5. La mise en place de l’ETS2 est déterminante pour la rentabilité des pompes à chaleur air-eau. On s’attend à ce que les prix du gaz et du fioul augmentent d’ici 2029 à tel point que les pompes à chaleur deviendront, dans de nombreux cas, plus rentables que le chauffage au gaz naturel. Le prix du gaz augmentera d’environ +1,5 centime/kWh avec un prix ETS2 de 60 euros/tonne de CO₂ et de +2,9 centimes/kWh avec un prix ETS2 de 120 euros/tonne de CO₂.
Tableau 2: Impact du transfert fiscal fédéral et des différentes valeurs de l’ETS2 sur le prix de l’électricité et du gaz, sur la facture totale de chauffage et sur le rapport de prix effectif
6. L'analyse de rentabilité d'une pompe à chaleur devient nettement plus intéressante pour les clients disposant:
- gaz naturel
- d'une forte demande de chaleur (> 12.000 à 17.000 kWh)
- d’un chauffage au sol ou de radiateurs suffisamment dimensionnés permettant des températures de départ basses
- une installation atteignant un SCOP d'au moins 3,5
En d’autres termes, cela signifie que la prochaine génération d’installateurs devra se démarquer par la mise en service et l’optimisation professionnelles des installations, et non par la simple pose d’appareils
7. Les performances (SCOP) sont la clé. Une pompe à chaleur avec un SCOP de 3,6 est nettement plus intéressante sur le plan économique que le même appareil avec un SCOP de 2,9. Une installation bien conçue et bien réglée fait la différence entre une installation rentable et une installation non rentable. Dans son étude, la CREG fait référence à des mesures pratiques qui montrent qu’une pompe à chaleur correctement conçue et réglée dans une habitation moins bien isolée peut parfois atteindre un SCOP plus élevé qu’une installation mal réglée dans une habitation mieux isolée.

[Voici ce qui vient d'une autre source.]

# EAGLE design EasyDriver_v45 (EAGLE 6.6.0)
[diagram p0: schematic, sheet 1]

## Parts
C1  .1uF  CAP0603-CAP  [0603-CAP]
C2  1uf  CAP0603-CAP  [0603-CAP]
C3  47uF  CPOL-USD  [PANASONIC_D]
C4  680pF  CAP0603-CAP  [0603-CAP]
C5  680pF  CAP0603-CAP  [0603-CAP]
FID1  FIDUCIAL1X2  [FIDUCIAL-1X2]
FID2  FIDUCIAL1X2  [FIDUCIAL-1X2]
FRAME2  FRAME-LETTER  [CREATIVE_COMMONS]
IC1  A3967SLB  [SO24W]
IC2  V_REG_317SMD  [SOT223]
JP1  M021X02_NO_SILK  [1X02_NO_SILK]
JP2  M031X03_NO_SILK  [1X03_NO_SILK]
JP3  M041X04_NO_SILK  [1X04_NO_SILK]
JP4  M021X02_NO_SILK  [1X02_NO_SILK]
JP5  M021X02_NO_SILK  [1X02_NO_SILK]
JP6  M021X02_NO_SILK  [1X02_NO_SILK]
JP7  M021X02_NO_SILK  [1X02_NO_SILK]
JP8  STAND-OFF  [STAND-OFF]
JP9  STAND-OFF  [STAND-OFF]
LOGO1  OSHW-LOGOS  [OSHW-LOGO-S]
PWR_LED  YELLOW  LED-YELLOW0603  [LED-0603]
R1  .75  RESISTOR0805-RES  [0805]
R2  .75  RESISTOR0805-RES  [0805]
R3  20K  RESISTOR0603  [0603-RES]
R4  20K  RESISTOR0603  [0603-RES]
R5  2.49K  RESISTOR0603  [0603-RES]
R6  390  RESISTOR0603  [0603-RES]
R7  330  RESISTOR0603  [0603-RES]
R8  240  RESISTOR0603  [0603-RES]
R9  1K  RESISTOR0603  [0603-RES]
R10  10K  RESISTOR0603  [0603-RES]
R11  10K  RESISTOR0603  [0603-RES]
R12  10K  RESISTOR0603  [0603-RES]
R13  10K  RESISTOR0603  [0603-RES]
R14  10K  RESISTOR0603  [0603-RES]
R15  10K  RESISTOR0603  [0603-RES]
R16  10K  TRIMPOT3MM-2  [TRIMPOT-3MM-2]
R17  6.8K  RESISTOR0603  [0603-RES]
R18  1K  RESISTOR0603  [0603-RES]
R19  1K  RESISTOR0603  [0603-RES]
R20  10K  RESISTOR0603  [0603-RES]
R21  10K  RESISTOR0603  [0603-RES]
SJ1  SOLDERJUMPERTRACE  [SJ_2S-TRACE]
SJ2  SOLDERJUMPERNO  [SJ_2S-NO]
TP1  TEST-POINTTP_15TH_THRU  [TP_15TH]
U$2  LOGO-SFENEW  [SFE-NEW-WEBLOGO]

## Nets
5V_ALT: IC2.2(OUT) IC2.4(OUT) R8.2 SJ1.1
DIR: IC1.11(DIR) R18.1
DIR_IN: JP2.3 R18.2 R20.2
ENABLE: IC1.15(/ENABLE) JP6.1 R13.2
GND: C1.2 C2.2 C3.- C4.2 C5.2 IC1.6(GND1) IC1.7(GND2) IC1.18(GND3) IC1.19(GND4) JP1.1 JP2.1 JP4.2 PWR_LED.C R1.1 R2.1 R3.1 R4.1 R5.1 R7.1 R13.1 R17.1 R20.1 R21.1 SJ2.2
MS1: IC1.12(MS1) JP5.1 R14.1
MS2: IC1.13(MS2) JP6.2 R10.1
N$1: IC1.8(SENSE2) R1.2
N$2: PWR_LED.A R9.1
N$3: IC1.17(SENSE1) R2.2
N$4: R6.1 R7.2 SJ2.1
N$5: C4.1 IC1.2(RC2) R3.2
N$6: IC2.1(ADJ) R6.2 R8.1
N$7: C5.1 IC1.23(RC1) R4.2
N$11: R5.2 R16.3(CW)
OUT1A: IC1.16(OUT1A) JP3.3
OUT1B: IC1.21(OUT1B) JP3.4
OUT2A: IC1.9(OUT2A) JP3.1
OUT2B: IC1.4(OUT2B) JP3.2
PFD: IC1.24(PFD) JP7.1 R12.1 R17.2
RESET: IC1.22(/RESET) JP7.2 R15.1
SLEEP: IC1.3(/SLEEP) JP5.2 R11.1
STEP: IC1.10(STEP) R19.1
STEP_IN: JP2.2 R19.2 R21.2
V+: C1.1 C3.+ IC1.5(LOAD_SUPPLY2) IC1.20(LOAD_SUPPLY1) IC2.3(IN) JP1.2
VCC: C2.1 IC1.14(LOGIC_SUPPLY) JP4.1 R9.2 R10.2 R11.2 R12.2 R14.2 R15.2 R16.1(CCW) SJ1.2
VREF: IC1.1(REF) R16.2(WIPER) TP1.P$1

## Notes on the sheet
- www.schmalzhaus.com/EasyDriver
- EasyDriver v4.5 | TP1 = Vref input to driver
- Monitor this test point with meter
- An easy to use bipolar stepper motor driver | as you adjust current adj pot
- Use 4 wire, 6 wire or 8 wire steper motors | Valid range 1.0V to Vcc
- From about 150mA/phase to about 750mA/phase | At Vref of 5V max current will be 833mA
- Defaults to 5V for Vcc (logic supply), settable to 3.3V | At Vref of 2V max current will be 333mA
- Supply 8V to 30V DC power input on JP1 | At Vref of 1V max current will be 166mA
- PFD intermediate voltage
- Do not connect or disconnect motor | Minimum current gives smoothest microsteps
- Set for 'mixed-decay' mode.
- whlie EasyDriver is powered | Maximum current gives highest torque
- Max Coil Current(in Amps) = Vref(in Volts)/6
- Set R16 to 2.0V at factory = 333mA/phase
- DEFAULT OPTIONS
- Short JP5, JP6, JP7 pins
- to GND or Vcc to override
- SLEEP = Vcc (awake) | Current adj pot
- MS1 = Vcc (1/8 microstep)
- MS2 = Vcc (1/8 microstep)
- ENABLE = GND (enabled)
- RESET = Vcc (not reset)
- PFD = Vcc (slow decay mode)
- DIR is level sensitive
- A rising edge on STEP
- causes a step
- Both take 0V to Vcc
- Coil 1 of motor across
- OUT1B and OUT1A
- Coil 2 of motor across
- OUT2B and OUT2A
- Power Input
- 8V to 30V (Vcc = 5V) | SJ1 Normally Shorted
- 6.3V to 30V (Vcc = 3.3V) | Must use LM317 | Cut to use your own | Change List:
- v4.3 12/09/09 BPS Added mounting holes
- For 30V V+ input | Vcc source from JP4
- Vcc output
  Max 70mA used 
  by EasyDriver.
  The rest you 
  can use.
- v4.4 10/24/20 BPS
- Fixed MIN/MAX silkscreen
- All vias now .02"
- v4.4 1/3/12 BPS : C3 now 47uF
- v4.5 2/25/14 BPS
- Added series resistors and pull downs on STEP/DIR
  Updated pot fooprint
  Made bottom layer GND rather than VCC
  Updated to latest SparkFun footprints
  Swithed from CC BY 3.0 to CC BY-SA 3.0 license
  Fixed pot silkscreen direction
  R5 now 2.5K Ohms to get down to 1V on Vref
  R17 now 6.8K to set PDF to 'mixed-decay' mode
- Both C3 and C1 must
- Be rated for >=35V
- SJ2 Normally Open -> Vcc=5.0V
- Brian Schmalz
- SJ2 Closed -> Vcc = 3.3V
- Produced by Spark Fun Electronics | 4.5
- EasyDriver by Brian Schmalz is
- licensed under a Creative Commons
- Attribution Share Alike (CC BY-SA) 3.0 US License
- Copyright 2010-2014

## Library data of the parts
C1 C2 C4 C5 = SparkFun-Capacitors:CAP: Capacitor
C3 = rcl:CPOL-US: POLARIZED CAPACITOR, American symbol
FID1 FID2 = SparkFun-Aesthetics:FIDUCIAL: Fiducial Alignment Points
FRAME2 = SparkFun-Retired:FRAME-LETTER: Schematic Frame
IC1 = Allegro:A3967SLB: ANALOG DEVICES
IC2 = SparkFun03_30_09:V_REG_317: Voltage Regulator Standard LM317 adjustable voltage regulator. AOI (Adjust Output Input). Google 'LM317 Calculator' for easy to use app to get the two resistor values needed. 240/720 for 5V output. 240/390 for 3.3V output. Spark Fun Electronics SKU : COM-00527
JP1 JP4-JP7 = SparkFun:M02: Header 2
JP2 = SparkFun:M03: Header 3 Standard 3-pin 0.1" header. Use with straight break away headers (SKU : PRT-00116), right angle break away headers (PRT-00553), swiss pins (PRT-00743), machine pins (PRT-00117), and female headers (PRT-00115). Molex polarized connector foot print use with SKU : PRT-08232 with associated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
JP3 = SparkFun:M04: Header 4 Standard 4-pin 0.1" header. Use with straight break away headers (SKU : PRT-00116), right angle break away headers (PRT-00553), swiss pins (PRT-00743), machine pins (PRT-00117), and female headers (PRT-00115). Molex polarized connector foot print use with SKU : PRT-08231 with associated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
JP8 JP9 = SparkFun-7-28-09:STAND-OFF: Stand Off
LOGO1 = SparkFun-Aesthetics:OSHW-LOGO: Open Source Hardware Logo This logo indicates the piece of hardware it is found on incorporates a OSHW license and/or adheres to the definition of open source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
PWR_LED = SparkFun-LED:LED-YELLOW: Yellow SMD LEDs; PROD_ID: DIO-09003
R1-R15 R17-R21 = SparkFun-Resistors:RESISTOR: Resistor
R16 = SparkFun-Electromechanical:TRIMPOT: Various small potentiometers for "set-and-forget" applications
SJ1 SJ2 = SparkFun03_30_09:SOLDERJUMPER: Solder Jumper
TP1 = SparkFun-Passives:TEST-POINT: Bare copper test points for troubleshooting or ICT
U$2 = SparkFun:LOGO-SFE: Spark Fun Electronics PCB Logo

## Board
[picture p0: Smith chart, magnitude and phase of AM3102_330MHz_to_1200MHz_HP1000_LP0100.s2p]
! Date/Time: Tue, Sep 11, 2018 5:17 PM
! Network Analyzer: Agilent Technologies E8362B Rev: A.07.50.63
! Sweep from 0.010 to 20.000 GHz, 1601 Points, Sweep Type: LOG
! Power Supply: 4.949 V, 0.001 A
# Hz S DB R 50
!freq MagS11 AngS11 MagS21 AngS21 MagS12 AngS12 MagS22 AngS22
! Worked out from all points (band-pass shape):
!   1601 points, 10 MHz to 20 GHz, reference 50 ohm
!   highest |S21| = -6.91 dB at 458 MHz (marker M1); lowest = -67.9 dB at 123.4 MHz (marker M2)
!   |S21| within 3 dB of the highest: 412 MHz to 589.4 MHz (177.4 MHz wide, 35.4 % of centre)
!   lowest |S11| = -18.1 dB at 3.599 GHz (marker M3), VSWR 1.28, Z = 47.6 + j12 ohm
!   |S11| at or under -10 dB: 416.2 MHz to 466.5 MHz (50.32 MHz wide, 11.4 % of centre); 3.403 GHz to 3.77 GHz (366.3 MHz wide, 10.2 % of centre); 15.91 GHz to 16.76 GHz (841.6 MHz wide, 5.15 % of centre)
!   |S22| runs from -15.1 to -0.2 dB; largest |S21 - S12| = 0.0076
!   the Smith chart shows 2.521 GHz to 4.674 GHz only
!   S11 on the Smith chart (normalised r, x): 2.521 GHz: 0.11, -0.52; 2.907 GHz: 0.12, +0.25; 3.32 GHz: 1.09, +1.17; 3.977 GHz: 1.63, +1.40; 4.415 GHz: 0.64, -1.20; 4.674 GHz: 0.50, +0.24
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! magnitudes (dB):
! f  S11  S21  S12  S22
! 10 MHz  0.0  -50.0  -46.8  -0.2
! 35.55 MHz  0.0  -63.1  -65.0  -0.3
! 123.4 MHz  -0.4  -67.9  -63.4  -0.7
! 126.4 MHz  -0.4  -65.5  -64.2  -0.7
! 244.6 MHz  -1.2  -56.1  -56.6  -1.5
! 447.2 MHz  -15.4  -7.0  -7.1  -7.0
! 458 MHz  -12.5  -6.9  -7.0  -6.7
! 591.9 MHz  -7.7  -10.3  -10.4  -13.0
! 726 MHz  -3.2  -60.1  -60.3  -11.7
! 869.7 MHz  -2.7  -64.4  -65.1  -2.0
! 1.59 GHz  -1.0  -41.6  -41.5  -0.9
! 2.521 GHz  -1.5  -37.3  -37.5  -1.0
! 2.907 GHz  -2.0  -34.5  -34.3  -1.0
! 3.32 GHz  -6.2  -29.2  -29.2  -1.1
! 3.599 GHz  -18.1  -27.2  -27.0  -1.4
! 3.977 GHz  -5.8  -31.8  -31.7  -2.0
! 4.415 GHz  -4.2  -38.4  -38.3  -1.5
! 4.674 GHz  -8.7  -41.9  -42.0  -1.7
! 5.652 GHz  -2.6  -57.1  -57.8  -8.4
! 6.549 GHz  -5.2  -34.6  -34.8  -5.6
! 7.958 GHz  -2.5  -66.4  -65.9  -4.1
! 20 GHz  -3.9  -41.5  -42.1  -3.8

8. Le rôle de l’installateur est crucial, car les performances réelles s’avèrent régulièrement inférieures aux valeurs théoriques indiquées par le fabricant. Les causes en sont les suivantes:
– une température de départ trop élevée
– une courbe de chauffage inadaptée
– un nombre excessif de démarrages/arrêts
– un chauffage d’appoint électrique qui se déclenche trop souvent
– un mauvais dimensionnement
– mauvaise régulation de l'eau chaude sanitaire
En d’autres termes, cela signifie que la prochaine génération d’installateurs devra se démarquer par la mise en service et l’optimisation professionnelles des installations, et non par la simple pose d’appareils.